Prompt: From first line to last, copy the material below exactly.

━━━━━━━━━━━━━━━━━━━━━━━━━━━━━━

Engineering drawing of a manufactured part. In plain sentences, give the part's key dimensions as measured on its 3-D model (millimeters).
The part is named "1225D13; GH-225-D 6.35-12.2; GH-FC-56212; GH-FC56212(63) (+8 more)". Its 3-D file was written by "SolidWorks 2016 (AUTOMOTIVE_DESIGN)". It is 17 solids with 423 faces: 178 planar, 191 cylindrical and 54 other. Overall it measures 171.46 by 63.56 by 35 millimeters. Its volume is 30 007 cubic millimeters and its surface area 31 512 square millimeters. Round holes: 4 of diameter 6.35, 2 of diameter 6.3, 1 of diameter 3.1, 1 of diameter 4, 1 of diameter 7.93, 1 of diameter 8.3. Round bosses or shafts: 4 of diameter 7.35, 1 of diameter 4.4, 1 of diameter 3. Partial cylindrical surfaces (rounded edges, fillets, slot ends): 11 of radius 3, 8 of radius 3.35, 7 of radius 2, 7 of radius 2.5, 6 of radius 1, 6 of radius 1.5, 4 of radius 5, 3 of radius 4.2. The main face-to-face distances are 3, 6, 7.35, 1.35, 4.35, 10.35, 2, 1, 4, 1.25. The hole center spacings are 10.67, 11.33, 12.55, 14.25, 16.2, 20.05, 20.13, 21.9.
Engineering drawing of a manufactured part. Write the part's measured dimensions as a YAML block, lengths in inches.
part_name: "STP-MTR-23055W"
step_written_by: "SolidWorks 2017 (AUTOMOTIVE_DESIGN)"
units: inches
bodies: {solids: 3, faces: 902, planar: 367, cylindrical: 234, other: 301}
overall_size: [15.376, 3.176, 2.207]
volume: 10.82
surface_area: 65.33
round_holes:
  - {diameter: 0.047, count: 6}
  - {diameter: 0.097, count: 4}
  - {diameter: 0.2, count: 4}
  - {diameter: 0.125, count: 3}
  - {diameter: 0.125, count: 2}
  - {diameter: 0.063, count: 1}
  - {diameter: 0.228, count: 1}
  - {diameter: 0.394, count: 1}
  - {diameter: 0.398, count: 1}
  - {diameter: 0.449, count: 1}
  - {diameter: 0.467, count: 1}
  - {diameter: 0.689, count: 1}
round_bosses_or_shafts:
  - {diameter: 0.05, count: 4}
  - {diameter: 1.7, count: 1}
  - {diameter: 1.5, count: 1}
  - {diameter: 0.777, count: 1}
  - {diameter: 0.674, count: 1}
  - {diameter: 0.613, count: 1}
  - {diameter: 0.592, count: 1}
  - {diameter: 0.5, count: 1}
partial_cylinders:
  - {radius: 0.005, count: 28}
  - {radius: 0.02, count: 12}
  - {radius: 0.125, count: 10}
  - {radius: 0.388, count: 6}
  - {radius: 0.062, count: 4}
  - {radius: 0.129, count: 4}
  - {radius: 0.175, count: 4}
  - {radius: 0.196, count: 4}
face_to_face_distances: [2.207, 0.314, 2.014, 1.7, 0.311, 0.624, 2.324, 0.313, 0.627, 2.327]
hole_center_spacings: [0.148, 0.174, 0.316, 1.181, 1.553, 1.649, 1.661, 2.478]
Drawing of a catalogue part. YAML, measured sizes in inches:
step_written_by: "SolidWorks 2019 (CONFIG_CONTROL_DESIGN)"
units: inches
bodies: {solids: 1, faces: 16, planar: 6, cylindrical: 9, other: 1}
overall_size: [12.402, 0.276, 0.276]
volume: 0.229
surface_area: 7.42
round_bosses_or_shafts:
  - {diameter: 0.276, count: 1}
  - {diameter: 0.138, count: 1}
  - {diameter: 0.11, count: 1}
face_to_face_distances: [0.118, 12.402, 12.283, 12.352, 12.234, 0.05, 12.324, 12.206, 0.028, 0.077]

━━━━━━━━━━━━━━━━━━━━━━━━━━━━━━

Exercise solution:
Engineering drawing of a manufactured part. In plain sentences, give the part's key dimensions as measured on its 3-D model (millimeters).
The part is named "1225D13; GH-225-D 6.35-12.2; GH-FC-56212; GH-FC56212(63) (+8 more)". Its 3-D file was written by "SolidWorks 2016 (AUTOMOTIVE_DESIGN)". It is 17 solids with 423 faces: 178 planar, 191 cylindrical and 54 other. Overall it measures 171.46 by 63.56 by 35 millimeters. Its volume is 30 007 cubic millimeters and its surface area 31 512 square millimeters. Round holes: 4 of diameter 6.35, 2 of diameter 6.3, 1 of diameter 3.1, 1 of diameter 4, 1 of diameter 7.93, 1 of diameter 8.3. Round bosses or shafts: 4 of diameter 7.35, 1 of diameter 4.4, 1 of diameter 3. Partial cylindrical surfaces (rounded edges, fillets, slot ends): 11 of radius 3, 8 of radius 3.35, 7 of radius 2, 7 of radius 2.5, 6 of radius 1, 6 of radius 1.5, 4 of radius 5, 3 of radius 4.2. The main face-to-face distances are 3, 6, 7.35, 1.35, 4.35, 10.35, 2, 1, 4, 1.25. The hole center spacings are 10.67, 11.33, 12.55, 14.25, 16.2, 20.05, 20.13, 21.9.
Engineering drawing of a manufactured part. Write the part's measured dimensions as a YAML block, lengths in inches.
part_name: "STP-MTR-23055W"
step_written_by: "SolidWorks 2017 (AUTOMOTIVE_DESIGN)"
units: inches
bodies: {solids: 3, faces: 902, planar: 367, cylindrical: 234, other: 301}
overall_size: [15.376, 3.176, 2.207]
volume: 10.82
surface_area: 65.33
round_holes:
  - {diameter: 0.047, count: 6}
  - {diameter: 0.097, count: 4}
  - {diameter: 0.2, count: 4}
  - {diameter: 0.125, count: 3}
  - {diameter: 0.125, count: 2}
  - {diameter: 0.063, count: 1}
  - {diameter: 0.228, count: 1}
  - {diameter: 0.394, count: 1}
  - {diameter: 0.398, count: 1}
  - {diameter: 0.449, count: 1}
  - {diameter: 0.467, count: 1}
  - {diameter: 0.689, count: 1}
round_bosses_or_shafts:
  - {diameter: 0.05, count: 4}
  - {diameter: 1.7, count: 1}
  - {diameter: 1.5, count: 1}
  - {diameter: 0.777, count: 1}
  - {diameter: 0.674, count: 1}
  - {diameter: 0.613, count: 1}
  - {diameter: 0.592, count: 1}
  - {diameter: 0.5, count: 1}
partial_cylinders:
  - {radius: 0.005, count: 28}
  - {radius: 0.02, count: 12}
  - {radius: 0.125, count: 10}
  - {radius: 0.388, count: 6}
  - {radius: 0.062, count: 4}
  - {radius: 0.129, count: 4}
  - {radius: 0.175, count: 4}
  - {radius: 0.196, count: 4}
face_to_face_distances: [2.207, 0.314, 2.014, 1.7, 0.311, 0.624, 2.324, 0.313, 0.627, 2.327]
hole_center_spacings: [0.148, 0.174, 0.316, 1.181, 1.553, 1.649, 1.661, 2.478]
Drawing of a catalogue part. YAML, measured sizes in inches:
step_written_by: "SolidWorks 2019 (CONFIG_CONTROL_DESIGN)"
units: inches
bodies: {solids: 1, faces: 16, planar: 6, cylindrical: 9, other: 1}
overall_size: [12.402, 0.276, 0.276]
volume: 0.229
surface_area: 7.42
round_bosses_or_shafts:
  - {diameter: 0.276, count: 1}
  - {diameter: 0.138, count: 1}
  - {diameter: 0.11, count: 1}
face_to_face_distances: [0.118, 12.402, 12.283, 12.352, 12.234, 0.05, 12.324, 12.206, 0.028, 0.077]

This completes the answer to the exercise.